Low-Temperature Magnetic Properties of Deeply Buried Gas Hydrate Bearing Sediments: A Case Study from IODP Expedition 375 Site U1519C in the Hikurangi Subduction Zone, New Zealand

Shixian LiuXuesen Li^*Kunyu Xu

• Guilin University of Technology, Guilin, China

The diagenetic pathways, mineral types, and products of magnetic minerals in gas hydrate-bearing sediments are closely linked to burial depth. During IODP Expedition 375, drilling at the northern Hikurangi margin recovered 83.09 m of core from the gas hydrate stability zone (518.4–640.0 m depth) at Site U1519C. This provides an exceptional opportunity to investigate progressive diagenesis and fluid-driven late-stage diagenesis in deeply buried gas hydrate-bearing sediments. We conducted low-temperature magnetic measurements on 13 samples from this interval, including: (i) Low-temperature cycling (LTC) cycles, (ii) Zero-field-cooled (ZFC) and field-cooled (FC) curves, (iii) Low-temperature hysteresis loops, and (iv) Low-temperature alternating current (AC) magnetic susceptibility.
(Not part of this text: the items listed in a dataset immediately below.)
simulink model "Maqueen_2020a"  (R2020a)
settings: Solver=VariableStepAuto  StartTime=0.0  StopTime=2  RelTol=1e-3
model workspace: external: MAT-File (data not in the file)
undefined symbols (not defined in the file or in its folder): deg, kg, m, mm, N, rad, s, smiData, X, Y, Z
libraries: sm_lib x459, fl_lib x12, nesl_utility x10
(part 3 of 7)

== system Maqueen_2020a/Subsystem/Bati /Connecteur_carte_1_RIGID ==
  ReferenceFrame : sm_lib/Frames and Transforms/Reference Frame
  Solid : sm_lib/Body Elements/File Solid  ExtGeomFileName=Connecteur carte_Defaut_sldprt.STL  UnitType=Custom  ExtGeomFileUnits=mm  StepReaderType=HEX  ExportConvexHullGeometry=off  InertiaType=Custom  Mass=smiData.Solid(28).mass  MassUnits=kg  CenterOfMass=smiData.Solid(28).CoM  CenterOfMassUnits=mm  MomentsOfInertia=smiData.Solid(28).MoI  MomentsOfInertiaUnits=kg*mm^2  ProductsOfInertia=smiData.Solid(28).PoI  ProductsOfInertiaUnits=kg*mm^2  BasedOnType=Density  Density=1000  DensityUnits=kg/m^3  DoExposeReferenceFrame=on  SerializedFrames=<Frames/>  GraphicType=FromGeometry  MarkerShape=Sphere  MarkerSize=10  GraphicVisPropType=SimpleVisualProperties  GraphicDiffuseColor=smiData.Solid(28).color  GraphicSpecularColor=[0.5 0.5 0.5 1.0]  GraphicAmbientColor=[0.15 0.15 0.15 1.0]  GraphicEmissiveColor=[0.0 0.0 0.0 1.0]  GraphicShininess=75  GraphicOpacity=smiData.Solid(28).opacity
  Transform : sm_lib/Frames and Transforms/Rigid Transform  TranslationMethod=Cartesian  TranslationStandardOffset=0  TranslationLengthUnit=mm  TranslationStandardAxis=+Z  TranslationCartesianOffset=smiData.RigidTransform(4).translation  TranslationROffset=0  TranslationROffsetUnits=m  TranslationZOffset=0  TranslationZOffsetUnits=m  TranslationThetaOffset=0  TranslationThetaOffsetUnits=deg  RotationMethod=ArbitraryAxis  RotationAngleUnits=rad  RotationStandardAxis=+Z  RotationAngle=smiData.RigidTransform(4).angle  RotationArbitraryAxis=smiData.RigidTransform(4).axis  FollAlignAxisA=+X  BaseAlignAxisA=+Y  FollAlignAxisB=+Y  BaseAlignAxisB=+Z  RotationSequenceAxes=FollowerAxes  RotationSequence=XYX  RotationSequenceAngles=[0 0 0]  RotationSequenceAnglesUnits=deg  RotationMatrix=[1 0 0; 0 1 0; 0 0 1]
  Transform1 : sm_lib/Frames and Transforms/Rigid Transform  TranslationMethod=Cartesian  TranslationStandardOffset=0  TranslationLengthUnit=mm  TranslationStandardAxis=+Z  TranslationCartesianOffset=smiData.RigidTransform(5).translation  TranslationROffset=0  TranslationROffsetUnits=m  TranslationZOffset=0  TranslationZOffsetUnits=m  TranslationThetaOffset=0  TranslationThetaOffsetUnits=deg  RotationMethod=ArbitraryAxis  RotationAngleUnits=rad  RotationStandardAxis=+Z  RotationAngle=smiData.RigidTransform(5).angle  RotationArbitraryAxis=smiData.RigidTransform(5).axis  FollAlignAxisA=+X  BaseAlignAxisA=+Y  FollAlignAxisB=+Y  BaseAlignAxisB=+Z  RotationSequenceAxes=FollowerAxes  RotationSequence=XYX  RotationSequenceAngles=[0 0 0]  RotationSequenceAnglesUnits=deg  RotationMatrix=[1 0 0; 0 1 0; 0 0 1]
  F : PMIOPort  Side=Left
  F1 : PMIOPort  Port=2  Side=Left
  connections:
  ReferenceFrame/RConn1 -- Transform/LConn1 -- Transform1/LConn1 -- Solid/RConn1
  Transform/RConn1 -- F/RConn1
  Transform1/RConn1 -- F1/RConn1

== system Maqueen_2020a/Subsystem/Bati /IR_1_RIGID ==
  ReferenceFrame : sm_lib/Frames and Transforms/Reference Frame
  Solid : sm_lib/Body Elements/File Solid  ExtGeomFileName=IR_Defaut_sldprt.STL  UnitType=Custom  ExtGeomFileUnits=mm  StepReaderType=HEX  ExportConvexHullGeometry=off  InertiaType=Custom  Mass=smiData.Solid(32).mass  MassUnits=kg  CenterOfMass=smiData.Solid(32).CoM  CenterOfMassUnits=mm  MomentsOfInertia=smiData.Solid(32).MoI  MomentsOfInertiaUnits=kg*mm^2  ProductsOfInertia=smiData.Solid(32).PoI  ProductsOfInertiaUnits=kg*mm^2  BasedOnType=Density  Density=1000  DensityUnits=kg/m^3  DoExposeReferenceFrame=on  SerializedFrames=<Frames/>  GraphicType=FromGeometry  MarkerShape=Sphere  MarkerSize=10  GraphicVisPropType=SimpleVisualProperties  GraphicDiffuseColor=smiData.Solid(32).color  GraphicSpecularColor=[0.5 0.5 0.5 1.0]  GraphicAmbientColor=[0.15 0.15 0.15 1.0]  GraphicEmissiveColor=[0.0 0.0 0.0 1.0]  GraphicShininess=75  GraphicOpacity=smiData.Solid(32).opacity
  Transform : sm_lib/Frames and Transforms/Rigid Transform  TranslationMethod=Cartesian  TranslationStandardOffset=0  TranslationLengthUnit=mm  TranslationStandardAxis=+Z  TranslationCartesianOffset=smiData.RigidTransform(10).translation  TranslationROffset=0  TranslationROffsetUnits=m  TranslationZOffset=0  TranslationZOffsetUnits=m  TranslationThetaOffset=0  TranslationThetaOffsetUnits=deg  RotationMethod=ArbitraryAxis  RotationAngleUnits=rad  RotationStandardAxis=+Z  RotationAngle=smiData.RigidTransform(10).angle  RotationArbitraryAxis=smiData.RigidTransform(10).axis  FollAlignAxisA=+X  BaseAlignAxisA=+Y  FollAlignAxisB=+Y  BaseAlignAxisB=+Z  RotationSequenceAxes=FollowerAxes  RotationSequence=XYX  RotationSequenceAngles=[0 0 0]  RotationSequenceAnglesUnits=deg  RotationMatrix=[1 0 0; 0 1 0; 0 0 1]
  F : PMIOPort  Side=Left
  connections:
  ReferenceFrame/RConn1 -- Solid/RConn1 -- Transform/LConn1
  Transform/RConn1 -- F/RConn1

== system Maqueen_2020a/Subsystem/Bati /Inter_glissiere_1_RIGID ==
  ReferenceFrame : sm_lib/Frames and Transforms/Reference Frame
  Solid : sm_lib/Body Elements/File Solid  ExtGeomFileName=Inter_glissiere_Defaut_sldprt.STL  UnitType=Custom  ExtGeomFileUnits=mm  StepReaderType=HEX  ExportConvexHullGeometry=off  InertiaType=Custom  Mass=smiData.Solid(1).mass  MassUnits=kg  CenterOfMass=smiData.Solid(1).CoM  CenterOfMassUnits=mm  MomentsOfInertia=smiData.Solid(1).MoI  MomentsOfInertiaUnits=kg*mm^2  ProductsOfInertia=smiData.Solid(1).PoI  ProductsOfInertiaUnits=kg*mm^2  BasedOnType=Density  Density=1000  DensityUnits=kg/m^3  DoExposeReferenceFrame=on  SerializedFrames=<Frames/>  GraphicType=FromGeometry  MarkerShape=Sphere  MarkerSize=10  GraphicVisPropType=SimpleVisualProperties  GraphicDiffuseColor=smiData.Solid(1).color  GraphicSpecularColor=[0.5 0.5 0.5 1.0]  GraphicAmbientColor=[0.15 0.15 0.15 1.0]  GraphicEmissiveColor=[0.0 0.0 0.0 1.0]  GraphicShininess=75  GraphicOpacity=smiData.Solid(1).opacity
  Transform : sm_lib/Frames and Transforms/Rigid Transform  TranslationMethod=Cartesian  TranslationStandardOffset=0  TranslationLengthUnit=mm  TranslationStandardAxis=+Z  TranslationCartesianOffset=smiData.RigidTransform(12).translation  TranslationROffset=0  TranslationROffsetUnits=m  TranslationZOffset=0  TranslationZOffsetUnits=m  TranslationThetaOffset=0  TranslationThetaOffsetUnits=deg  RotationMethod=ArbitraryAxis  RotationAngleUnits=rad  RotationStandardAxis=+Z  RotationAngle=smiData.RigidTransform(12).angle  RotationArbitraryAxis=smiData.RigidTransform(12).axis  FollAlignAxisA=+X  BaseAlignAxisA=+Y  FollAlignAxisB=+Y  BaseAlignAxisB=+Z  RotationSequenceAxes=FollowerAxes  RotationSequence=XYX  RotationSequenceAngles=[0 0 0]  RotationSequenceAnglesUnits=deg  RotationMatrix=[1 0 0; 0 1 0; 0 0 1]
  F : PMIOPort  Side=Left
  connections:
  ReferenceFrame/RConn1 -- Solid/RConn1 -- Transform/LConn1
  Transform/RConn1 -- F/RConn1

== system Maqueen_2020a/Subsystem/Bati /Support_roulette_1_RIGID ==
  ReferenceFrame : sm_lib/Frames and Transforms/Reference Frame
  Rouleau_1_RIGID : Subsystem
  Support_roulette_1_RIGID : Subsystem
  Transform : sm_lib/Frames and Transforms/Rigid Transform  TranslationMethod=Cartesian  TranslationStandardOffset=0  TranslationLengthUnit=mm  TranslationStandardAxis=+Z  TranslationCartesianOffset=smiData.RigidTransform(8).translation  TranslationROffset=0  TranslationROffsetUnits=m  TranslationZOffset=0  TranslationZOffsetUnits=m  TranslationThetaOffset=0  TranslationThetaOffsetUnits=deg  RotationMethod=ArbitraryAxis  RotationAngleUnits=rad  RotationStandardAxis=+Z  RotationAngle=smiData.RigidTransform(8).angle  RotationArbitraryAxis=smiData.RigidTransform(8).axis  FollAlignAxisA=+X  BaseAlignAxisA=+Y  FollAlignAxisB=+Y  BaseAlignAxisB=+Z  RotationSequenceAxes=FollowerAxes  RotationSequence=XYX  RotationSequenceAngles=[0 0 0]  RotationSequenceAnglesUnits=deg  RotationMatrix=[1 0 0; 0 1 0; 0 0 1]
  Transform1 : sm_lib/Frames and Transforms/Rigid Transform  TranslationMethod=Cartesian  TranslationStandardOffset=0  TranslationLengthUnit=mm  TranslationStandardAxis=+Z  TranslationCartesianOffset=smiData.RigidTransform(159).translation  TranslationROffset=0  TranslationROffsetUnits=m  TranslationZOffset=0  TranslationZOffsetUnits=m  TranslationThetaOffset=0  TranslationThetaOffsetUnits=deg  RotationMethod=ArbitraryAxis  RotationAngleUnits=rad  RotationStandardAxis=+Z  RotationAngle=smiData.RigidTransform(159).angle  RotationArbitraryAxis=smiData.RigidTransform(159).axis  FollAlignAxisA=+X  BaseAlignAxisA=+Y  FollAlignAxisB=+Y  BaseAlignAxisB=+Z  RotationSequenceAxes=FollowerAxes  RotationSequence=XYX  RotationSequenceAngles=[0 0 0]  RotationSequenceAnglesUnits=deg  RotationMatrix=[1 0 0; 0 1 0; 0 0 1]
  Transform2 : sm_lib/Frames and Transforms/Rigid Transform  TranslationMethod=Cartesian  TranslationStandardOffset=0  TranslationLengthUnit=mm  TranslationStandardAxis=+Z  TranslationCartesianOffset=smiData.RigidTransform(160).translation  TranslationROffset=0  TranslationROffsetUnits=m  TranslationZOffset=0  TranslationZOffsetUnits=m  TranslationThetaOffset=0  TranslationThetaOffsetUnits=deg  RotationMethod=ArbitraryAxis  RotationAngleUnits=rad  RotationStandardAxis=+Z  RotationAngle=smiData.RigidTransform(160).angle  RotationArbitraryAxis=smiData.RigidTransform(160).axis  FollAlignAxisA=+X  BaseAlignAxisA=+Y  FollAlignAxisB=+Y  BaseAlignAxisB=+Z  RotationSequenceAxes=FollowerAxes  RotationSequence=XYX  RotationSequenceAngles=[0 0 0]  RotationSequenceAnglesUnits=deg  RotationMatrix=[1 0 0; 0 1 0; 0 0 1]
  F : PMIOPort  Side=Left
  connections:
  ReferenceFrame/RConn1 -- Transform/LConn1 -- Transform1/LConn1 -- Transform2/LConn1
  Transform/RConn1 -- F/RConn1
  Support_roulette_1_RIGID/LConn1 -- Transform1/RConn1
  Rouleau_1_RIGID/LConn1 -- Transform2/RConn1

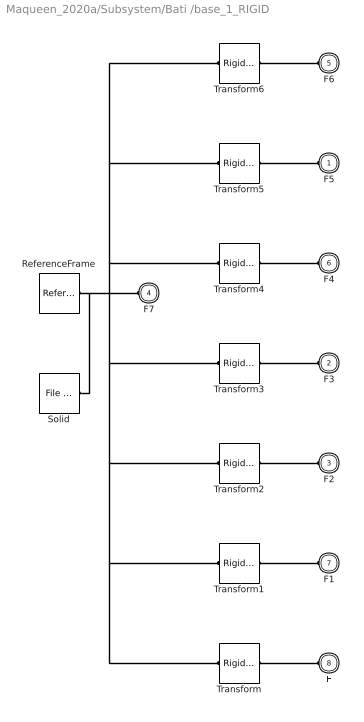
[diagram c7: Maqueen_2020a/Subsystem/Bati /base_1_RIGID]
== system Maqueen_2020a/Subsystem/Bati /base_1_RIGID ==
  ReferenceFrame : sm_lib/Frames and Transforms/Reference Frame
  Solid : sm_lib/Body Elements/File Solid  ExtGeomFileName=base_Defaut_sldprt.STL  UnitType=Custom  ExtGeomFileUnits=mm  StepReaderType=HEX  ExportConvexHullGeometry=off  InertiaType=Custom  Mass=smiData.Solid(29).mass  MassUnits=kg  CenterOfMass=smiData.Solid(29).CoM  CenterOfMassUnits=mm  MomentsOfInertia=smiData.Solid(29).MoI  MomentsOfInertiaUnits=kg*mm^2  ProductsOfInertia=smiData.Solid(29).PoI  ProductsOfInertiaUnits=kg*mm^2  BasedOnType=Density  Density=1000  DensityUnits=kg/m^3  DoExposeReferenceFrame=on  SerializedFrames=<Frames/>  GraphicType=FromGeometry  MarkerShape=Sphere  MarkerSize=10  GraphicVisPropType=SimpleVisualProperties  GraphicDiffuseColor=smiData.Solid(29).color  GraphicSpecularColor=[0.5 0.5 0.5 1.0]  GraphicAmbientColor=[0.15 0.15 0.15 1.0]  GraphicEmissiveColor=[0.0 0.0 0.0 1.0]  GraphicShininess=75  GraphicOpacity=smiData.Solid(29).opacity
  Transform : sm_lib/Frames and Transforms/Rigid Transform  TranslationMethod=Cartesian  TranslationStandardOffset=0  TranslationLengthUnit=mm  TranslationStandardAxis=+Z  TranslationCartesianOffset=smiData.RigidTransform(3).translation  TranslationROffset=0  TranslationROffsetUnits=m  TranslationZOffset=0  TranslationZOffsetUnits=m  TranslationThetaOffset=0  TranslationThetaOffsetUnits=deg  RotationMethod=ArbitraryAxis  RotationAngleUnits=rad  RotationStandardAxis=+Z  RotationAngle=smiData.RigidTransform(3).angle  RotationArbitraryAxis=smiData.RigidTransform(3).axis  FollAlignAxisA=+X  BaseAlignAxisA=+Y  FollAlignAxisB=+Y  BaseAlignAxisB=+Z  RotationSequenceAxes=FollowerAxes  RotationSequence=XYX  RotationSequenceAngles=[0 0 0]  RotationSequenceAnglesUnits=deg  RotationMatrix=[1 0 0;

Using features such as low-temperature transitions and curve trajectory patterns, we determined the types, concentrations, and assemblages of magnetic minerals, analyzed the origins of magnetic particles. Key results reveal: (1) Deeply buried sediments exhibit notably low SIRM intensity, indicating scarce magnetic minerals dominated by superparamagnetic (SP) and single-domain (SD) particles. This indicates that the deeply buried sediments experienced extensive pyritization under sustained reducing diagenetic conditions; (2)Despite the dominance of SP signals in the low-temperature FC/ZFC curves, the observation of the Verwey transition at ~118 K—a characteristic low-temperature phase transition stemming from magnetite's structural transformation—provides definitive evidence for the presence of trace magnetite even at such depths (>580 mbsf); (3) A double Verwey transition (~106 K and ~118 K) was observed in some samples, which indicates the coexistence of biogenic magnetite and nearly stoichiometric magnetite; (4) Authigenic Greigite (Fe₃S₄), an intermediate product of pyritization (FeS₂), is detected. Some greigite likely exists as SP particles, while a low index of hysteresis parameters (DJH) indicates limited contributions from stable SD greigite among ferrimagnetic minerals.This study provides low-temperature magnetic evidence for diagenetic processes affecting magnetic minerals in deeply buried gas hydrate-bearing sediments. It reveals partial magnetite preservation, greigite formation and transformation, and ultimate pyritization, offering new insights into magnetic mineral evolution in such environments.